James Clear has a newsletter he sends out every Thursday called 3-2-1, Tim Denning has Unfiltered, and Mark Manson has one called Mindfck Monday.

Perhaps adopting this kind of style might be your mojo. 

Remember, people who regularly read from you are more likely to buy from you when you do have something to sell. 

Shamelessly call people to Action. CTA is the lifeblood of your content efforts

On the internet, most people are a bunch of scrolling zombies. They are in a trance state, high AF on dopamine and completely lost. 

You have to constantly tell people what to do. 

Every piece of content should have a call-to-action. 

I like to think of content as an Ad. A marketing campaign in and of itself. Here are two questions I ask with every content piece:

  1. So what?
  2. Now what?

I may have written a great piece of content but so what? What does it do for the reader? How does it change their perspectives or make them think differently? 

Second, if I am lucky and I can hold people’s attention with my content, now what? What do I want them to do? Where do I lead them next?

When you know what you want people to do, tell them to do it. 

Every time. 

Do you want them to join your mailing list? Tell them.

Do you want them to read another post? Point them to it. 

Always know what you want people to do after they have consumed your content and tell them before they drown off back into scrolling zombie mode.

Have a clear plan to convert followers into buyers

Again and again, creators come to me at the last minute asking for help with making cents off the attention they have received online. 

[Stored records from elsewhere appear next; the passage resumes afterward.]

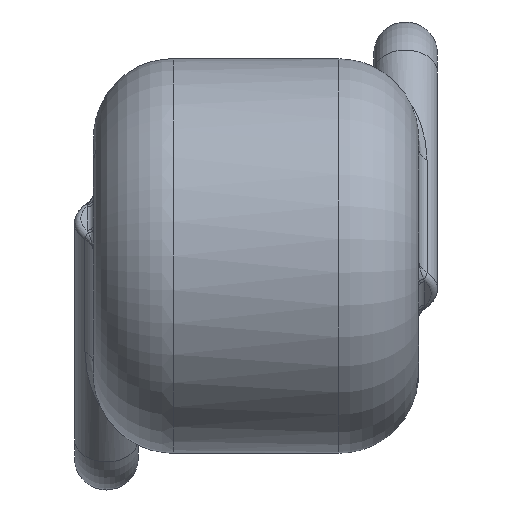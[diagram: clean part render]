
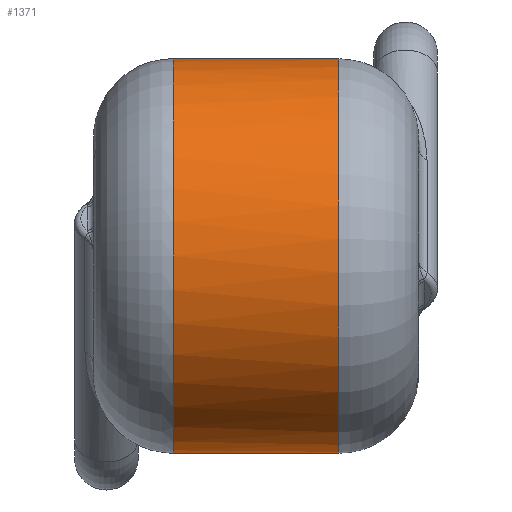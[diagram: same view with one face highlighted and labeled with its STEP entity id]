
A CAD part, left-side view. The second image highlights one B-rep face of the part: STEP entity #1371.
In plain terms, the highlighted cylindrical face has radius 6.2 mm (diameter 12.4 mm), a full revolution.
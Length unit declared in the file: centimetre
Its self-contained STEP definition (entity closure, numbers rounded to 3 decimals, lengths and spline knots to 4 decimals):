
#948=CARTESIAN_POINT('',(0.62,0.69,0.));
#949=VERTEX_POINT('',#948);
#950=CARTESIAN_POINT('',(0.0,0.69,0.0));
#951=DIRECTION('',(0.0,1.0,0.0));
#952=DIRECTION('',(-1.0,0.0,0.0));
#953=AXIS2_PLACEMENT_3D('',#950,#951,#952);
#954=CIRCLE('',#953,0.62);
#955=EDGE_CURVE('',#949,#949,#954,.T.);
#1262=CARTESIAN_POINT('',(0.62,0.169,0.));
#1263=VERTEX_POINT('',#1262);
#1264=CARTESIAN_POINT('',(0.0,0.169,0.0));
#1265=DIRECTION('',(0.0,-1.0,0.0));
#1266=DIRECTION('',(-1.0,0.0,0.0));
#1267=AXIS2_PLACEMENT_3D('',#1264,#1265,#1266);
#1268=CIRCLE('',#1267,0.62);
#1269=EDGE_CURVE('',#1263,#1263,#1268,.T.);
#1360=CARTESIAN_POINT('',(0.0,0.4295,0.0));
#1361=DIRECTION('',(0.0,1.0,0.0));
#1362=DIRECTION('',(-1.0,0.0,0.0));
#1363=AXIS2_PLACEMENT_3D('',#1360,#1361,#1362);
#1364=CYLINDRICAL_SURFACE('',#1363,0.62);
#1365=ORIENTED_EDGE('',*,*,#955,.F.);
#1366=EDGE_LOOP('',(#1365));
#1367=FACE_OUTER_BOUND('',#1366,.T.);
#1368=ORIENTED_EDGE('',*,*,#1269,.F.);
#1369=EDGE_LOOP('',(#1368));
#1370=FACE_BOUND('',#1369,.T.);
#1371=ADVANCED_FACE('',(#1367,#1370),#1364,.T.);
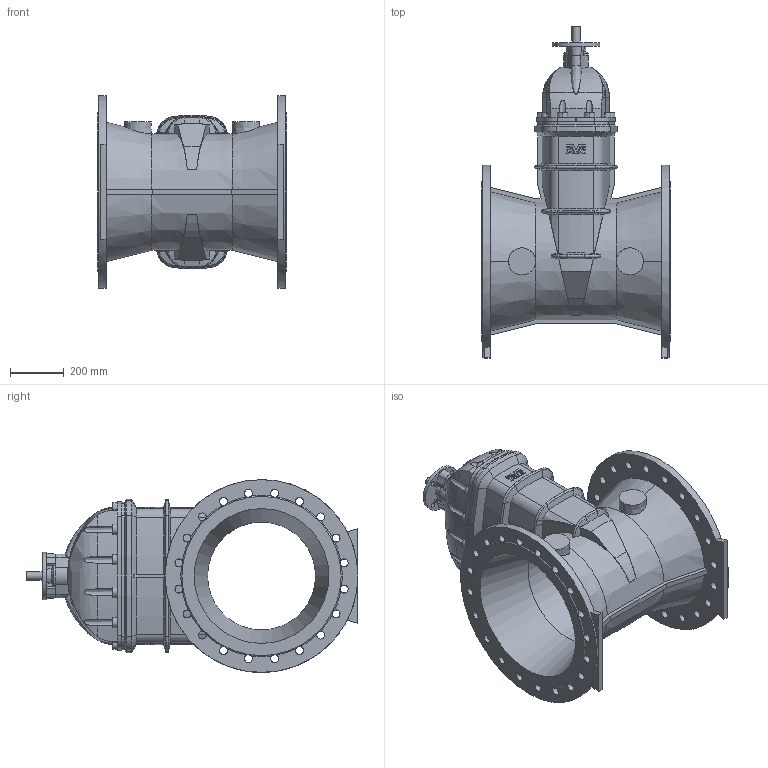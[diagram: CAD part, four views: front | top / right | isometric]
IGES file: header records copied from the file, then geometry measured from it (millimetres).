
Start section: SolidWorks IGES file using analytic representation for surfaces
Global section: file name: D:\Arthur\For Will\Finished\O_15_72_DN500 without AUMA\O_15_72_DN500_00_iges.IGS; native system: SolidWorks 2012; preprocessor: SolidWorks 2012; author: aran; date: 150608.161231; units: millimetre
Bounding box: 700 x 1230.5 x 715 mm (x, y, z)
Surface area: 3963011.6 mm2 (no closed solid volume)
Topology: 0 solids, 0 shells, 493 faces, 2952 edges, 2884 vertices
Faces by surface type: revolution 306, bspline 187

A Tiktoker I last spoke with was so frustrated because she had suddenly gone viral on Tiktok and now has 500,000+ followers without a plan on how to convert these followers into buyers. 

To make it worse, she had skipped out on step one- knowing what to sell. 

Now, not knowing right off the bat what you’ll offer as products or services is okay in the beginning. Most people including myself have come to find out over time what we really like to offer. 

But this is not enough reason not to create anything at all. 

A simple strategy could be starting out with a lead generation funnel that has a Trip-wire offer in the backend, or a 5-7 day email sequence ready to go. 

Never make the mistake of setting up your lead generation funnel or opt-ins, without having pre-written emails all stuffed and waiting for your subscribers.

Did something stick out for you while reading this? 

Don’t be one of those who find new inspiration and do nothing with it. 

Commit yourself to implement these ideas in your own process and slowly haul yourself out of content hell to content marketing that actually works.